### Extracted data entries

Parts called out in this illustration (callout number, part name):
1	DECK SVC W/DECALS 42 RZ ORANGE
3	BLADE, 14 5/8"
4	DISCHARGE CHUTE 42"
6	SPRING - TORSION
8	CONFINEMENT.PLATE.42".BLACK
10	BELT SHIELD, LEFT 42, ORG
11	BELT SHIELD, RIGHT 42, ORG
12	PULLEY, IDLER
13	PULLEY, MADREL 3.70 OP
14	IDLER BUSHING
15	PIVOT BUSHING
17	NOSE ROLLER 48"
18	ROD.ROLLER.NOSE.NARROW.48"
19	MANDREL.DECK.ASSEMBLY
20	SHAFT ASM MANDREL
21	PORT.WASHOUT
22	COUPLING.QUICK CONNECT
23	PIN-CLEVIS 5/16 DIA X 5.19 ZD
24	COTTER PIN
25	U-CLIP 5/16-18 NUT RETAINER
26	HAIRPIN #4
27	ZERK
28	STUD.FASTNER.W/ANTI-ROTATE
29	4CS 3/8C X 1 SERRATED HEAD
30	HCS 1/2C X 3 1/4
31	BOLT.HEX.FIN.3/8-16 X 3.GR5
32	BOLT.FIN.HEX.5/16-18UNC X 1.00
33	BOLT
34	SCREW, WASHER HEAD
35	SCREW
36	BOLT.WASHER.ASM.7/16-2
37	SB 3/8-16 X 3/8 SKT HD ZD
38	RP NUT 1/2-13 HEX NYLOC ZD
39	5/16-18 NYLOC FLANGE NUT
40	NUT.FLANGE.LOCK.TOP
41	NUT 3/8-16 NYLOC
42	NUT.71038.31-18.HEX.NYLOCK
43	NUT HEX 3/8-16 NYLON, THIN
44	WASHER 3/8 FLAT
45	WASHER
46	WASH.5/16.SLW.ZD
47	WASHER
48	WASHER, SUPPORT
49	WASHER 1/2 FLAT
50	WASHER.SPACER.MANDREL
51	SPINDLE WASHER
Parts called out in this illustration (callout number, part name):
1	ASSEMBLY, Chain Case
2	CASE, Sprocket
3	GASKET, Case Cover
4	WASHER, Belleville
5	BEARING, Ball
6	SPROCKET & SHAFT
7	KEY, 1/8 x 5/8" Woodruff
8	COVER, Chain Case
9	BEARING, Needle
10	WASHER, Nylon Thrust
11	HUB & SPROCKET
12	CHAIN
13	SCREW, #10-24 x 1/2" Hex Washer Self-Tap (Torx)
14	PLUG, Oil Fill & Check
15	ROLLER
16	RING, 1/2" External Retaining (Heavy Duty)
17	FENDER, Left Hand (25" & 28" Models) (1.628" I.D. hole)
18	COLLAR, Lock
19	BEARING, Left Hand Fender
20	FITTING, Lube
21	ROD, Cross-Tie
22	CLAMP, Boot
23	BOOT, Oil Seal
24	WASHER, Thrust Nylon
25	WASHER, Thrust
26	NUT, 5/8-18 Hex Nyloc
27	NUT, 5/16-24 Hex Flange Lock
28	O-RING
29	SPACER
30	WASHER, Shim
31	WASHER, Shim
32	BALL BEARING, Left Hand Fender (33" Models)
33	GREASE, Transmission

### Prompt
Reproduce all of the records, keeping every character unchanged.

### Solution to this problem
Parts called out in this illustration (callout number, part name):
1	DECK SVC W/DECALS 42 RZ ORANGE
3	BLADE, 14 5/8"
4	DISCHARGE CHUTE 42"
6	SPRING - TORSION
8	CONFINEMENT.PLATE.42".BLACK
10	BELT SHIELD, LEFT 42, ORG
11	BELT SHIELD, RIGHT 42, ORG
12	PULLEY, IDLER
13	PULLEY, MADREL 3.70 OP
14	IDLER BUSHING
15	PIVOT BUSHING
17	NOSE ROLLER 48"
18	ROD.ROLLER.NOSE.NARROW.48"
19	MANDREL.DECK.ASSEMBLY
20	SHAFT ASM MANDREL
21	PORT.WASHOUT
22	COUPLING.QUICK CONNECT
23	PIN-CLEVIS 5/16 DIA X 5.19 ZD
24	COTTER PIN
25	U-CLIP 5/16-18 NUT RETAINER
26	HAIRPIN #4
27	ZERK
28	STUD.FASTNER.W/ANTI-ROTATE
29	4CS 3/8C X 1 SERRATED HEAD
30	HCS 1/2C X 3 1/4
31	BOLT.HEX.FIN.3/8-16 X 3.GR5
32	BOLT.FIN.HEX.5/16-18UNC X 1.00
33	BOLT
34	SCREW, WASHER HEAD
35	SCREW
36	BOLT.WASHER.ASM.7/16-2
37	SB 3/8-16 X 3/8 SKT HD ZD
38	RP NUT 1/2-13 HEX NYLOC ZD
39	5/16-18 NYLOC FLANGE NUT
40	NUT.FLANGE.LOCK.TOP
41	NUT 3/8-16 NYLOC
42	NUT.71038.31-18.HEX.NYLOCK
43	NUT HEX 3/8-16 NYLON, THIN
44	WASHER 3/8 FLAT
45	WASHER
46	WASH.5/16.SLW.ZD
47	WASHER
48	WASHER, SUPPORT
49	WASHER 1/2 FLAT
50	WASHER.SPACER.MANDREL
51	SPINDLE WASHER
Parts called out in this illustration (callout number, part name):
1	ASSEMBLY, Chain Case
2	CASE, Sprocket
3	GASKET, Case Cover
4	WASHER, Belleville
5	BEARING, Ball
6	SPROCKET & SHAFT
7	KEY, 1/8 x 5/8" Woodruff
8	COVER, Chain Case
9	BEARING, Needle
10	WASHER, Nylon Thrust
11	HUB & SPROCKET
12	CHAIN
13	SCREW, #10-24 x 1/2" Hex Washer Self-Tap (Torx)
14	PLUG, Oil Fill & Check
15	ROLLER
16	RING, 1/2" External Retaining (Heavy Duty)
17	FENDER, Left Hand (25" & 28" Models) (1.628" I.D. hole)
18	COLLAR, Lock
19	BEARING, Left Hand Fender
20	FITTING, Lube
21	ROD, Cross-Tie
22	CLAMP, Boot
23	BOOT, Oil Seal
24	WASHER, Thrust Nylon
25	WASHER, Thrust
26	NUT, 5/8-18 Hex Nyloc
27	NUT, 5/16-24 Hex Flange Lock
28	O-RING
29	SPACER
30	WASHER, Shim
31	WASHER, Shim
32	BALL BEARING, Left Hand Fender (33" Models)
33	GREASE, Transmission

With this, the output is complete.